2023 — OpenSea drops enforcement. OpenSea removed mandatory royalty enforcement to compete with Blur, effectively ending the era of universally enforced secondary royalties on the largest Ethereum NFT platforms. Many creators reduced their rates or removed them entirely.


Common Misconceptions

“Secondary royalties are guaranteed by smart contracts.” Only on contracts that enforce royalties by blocking non-royalty-paying transfers — a design that significantly reduces liquidity and is used by relatively few projects. Most royalties rely on marketplace compliance, not technical enforcement.

“Royalties are paid by the buyer.” Technically, royalties are deducted from the total transaction and reduce what the seller receives (or the buyer pays, depending on the marketplace’s pricing model). In most implementations, the seller bears the royalty cost.

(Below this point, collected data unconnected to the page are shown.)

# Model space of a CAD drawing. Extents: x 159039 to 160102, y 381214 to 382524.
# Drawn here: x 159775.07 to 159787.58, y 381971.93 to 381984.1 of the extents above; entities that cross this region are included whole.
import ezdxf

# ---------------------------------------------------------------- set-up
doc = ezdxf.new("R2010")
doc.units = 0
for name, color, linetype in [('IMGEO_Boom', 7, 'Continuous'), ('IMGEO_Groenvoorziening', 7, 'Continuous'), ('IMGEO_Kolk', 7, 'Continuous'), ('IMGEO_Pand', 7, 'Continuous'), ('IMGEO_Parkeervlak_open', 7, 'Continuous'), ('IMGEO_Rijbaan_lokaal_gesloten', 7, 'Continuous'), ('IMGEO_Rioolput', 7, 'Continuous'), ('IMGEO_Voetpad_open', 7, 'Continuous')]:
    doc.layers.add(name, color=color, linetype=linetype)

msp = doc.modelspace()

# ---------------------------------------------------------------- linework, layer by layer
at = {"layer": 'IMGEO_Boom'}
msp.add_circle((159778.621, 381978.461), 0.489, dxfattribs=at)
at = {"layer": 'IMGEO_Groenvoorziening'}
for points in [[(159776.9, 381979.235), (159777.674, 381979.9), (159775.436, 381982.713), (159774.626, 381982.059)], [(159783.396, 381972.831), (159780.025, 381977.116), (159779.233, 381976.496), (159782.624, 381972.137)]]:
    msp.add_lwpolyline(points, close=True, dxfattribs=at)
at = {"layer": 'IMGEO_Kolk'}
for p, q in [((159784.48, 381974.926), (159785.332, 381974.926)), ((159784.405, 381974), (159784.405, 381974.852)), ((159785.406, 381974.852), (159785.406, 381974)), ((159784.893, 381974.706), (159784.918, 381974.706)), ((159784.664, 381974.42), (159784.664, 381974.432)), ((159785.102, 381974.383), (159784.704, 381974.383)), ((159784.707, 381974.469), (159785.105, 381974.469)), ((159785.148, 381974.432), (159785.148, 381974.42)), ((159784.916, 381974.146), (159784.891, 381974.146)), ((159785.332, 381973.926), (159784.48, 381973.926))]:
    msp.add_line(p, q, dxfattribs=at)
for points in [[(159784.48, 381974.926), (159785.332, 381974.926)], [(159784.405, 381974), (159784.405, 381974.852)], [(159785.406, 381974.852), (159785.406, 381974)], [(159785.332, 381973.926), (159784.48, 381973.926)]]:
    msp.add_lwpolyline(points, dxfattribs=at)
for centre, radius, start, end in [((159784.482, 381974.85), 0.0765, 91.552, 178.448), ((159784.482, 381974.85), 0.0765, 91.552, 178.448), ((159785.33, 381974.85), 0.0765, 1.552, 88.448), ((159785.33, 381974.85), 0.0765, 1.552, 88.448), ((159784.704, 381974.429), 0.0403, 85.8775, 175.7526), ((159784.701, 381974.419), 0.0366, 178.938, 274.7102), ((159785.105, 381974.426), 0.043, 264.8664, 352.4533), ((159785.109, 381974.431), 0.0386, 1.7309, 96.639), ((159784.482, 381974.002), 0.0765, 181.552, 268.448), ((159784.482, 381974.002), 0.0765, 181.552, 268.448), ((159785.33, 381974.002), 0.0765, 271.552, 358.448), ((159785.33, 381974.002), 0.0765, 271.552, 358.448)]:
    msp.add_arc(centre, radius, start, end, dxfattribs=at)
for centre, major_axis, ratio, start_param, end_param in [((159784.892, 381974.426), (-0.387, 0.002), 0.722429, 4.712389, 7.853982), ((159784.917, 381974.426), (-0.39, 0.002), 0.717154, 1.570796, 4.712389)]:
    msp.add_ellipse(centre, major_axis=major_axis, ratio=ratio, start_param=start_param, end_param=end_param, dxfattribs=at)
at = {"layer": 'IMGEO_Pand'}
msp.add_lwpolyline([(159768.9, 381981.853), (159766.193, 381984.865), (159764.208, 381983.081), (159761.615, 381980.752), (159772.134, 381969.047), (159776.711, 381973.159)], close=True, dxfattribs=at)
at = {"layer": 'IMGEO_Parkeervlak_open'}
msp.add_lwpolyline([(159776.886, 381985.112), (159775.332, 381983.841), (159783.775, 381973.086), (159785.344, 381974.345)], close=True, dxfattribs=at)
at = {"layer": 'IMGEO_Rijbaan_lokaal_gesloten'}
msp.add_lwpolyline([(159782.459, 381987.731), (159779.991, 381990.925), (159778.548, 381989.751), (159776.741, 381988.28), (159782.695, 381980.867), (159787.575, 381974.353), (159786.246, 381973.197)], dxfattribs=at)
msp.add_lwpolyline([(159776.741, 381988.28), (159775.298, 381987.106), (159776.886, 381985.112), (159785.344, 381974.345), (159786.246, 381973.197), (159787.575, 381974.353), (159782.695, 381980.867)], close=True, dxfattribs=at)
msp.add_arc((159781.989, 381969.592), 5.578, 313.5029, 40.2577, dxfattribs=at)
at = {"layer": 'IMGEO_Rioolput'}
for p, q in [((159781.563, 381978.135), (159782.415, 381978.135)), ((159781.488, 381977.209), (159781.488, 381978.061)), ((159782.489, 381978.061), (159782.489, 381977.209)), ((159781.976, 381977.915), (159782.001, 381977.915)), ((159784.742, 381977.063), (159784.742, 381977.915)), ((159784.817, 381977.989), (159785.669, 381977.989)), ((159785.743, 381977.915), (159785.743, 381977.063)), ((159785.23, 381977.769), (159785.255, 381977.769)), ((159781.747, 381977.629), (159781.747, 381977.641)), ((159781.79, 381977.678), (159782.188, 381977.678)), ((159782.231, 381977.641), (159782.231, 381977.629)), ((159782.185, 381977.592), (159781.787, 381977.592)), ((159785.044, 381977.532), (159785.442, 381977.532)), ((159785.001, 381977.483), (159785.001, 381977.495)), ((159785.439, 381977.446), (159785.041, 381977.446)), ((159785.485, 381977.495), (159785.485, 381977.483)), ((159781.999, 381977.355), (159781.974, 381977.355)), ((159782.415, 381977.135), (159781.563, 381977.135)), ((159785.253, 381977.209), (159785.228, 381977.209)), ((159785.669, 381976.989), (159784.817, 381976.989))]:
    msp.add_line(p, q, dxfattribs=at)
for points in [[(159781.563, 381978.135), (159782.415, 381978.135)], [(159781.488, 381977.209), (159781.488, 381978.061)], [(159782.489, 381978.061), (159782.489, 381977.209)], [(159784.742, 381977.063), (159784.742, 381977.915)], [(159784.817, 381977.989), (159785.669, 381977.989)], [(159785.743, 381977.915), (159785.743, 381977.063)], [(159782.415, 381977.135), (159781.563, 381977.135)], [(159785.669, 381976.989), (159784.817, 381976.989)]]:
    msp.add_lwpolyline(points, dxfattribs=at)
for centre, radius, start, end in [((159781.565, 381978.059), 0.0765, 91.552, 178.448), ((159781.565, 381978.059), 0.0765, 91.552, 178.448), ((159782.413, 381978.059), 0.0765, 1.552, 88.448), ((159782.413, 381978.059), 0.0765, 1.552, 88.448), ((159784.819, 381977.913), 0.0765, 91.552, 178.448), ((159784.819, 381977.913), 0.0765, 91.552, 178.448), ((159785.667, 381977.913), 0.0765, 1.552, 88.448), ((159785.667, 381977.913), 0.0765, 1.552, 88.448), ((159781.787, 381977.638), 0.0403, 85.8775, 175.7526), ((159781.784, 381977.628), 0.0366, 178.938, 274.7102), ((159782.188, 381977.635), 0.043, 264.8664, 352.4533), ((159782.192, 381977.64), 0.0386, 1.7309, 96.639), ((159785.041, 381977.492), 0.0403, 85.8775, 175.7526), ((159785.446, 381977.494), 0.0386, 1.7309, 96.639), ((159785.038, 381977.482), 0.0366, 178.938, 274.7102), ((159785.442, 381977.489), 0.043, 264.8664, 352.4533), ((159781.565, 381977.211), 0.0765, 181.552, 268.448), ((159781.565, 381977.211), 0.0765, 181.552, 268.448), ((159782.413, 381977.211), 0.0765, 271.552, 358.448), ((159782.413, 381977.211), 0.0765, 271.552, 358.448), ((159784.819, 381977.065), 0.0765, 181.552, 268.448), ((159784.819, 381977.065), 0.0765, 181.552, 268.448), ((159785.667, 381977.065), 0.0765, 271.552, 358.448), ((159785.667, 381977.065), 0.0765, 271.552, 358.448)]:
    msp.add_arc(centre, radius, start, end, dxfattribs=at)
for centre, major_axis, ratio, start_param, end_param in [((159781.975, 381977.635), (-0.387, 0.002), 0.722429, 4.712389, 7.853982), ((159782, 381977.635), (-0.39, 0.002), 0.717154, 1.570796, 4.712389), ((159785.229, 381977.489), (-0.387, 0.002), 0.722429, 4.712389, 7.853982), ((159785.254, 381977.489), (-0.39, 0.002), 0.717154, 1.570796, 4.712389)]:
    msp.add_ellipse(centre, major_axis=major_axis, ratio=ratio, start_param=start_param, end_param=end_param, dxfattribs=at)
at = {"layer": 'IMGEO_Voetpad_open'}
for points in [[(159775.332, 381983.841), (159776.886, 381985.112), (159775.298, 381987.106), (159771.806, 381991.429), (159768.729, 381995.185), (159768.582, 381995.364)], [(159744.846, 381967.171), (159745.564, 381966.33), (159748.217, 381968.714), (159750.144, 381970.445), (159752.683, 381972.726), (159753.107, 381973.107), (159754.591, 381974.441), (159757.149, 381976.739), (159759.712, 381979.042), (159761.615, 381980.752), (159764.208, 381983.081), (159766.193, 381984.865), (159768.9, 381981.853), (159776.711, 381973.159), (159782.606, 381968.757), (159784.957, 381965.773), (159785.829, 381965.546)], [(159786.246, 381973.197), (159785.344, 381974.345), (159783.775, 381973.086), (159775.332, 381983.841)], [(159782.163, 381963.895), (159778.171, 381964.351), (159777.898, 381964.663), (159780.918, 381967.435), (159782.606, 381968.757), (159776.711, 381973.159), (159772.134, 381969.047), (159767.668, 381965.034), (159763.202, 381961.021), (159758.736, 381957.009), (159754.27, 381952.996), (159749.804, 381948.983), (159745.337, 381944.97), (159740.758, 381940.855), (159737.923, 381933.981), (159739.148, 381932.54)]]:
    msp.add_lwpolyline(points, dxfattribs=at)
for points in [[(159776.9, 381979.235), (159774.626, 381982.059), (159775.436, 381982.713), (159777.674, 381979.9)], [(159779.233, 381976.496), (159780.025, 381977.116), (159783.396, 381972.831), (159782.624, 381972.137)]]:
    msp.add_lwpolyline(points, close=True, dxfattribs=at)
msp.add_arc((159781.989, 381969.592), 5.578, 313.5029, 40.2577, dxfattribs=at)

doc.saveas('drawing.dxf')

“Low royalties mean the creator doesn’t care about the community.” Many creators reduced royalties to stay competitive on platforms where royalties were optional, not because they wanted to. Lower royalties can mean the collection appears in more marketplaces and generates more trading volume.


Criticisms

  • No technical enforcement without tradeoffs: Enforcing royalties at the contract level requires restricting which addresses can call transfer — reducing composability and liquidity in ways that conflict with the open nature of on-chain trading.
  • Market drove fees to near zero: Platform competition effectively collapsed secondary royalty rates across major collections in 2023, demonstrating that voluntary systems cannot hold without market coordination.
  • Unequal impact by collection size: Large collections with strong communities could pressure marketplaces to maintain royalties. Smaller creators had no such leverage and lost secondary income entirely when enforcement became optional.
  • Wash trading inflates royalty appearance: Platforms that reported high royalty volumes during the bull market were later found to have significant wash trading activity, meaning the royalty numbers overstated what legitimate creators earned.

Social Media Sentiment

  • r/NFT: Deeply divided. Creator-aligned users view secondary royalties as the economic foundation of NFT culture; traders and collectors frequently argue that royalties unfairly penalize buyers and reduce market efficiency.
  • r/CryptoCurrency: Largely opposed to mandatory royalties, which are described as a tax on transactions enforced by centralized platform policy rather than decentralized protocol logic.
  • X/Twitter: High-volume debate during 2022–2023 royalty wars. Creator advocates (#royaltiesarenonnegotiable) clashed with traders and marketplace supporters. The debate has quieted as optional royalties have become the norm.
  • Discord: Individual project communities use Discord to signal which marketplaces they endorse based on royalty compliance, sometimes directing holder trading toward compliant platforms as a community norm.

Last updated: 2026-04


Related Terms

  • Creator Royalties — the broader category of on-chain creator payments that secondary royalties are a part of.
  • ERC-2981 — the Ethereum standard that defines how NFT contracts signal royalty recipient and rate to marketplaces.
  • Royalty Enforcement — the mechanisms that attempt to compel marketplace compliance with royalty terms.
  • Royalty Bypass — the techniques used to route trades around royalty-collecting contracts or platform policies.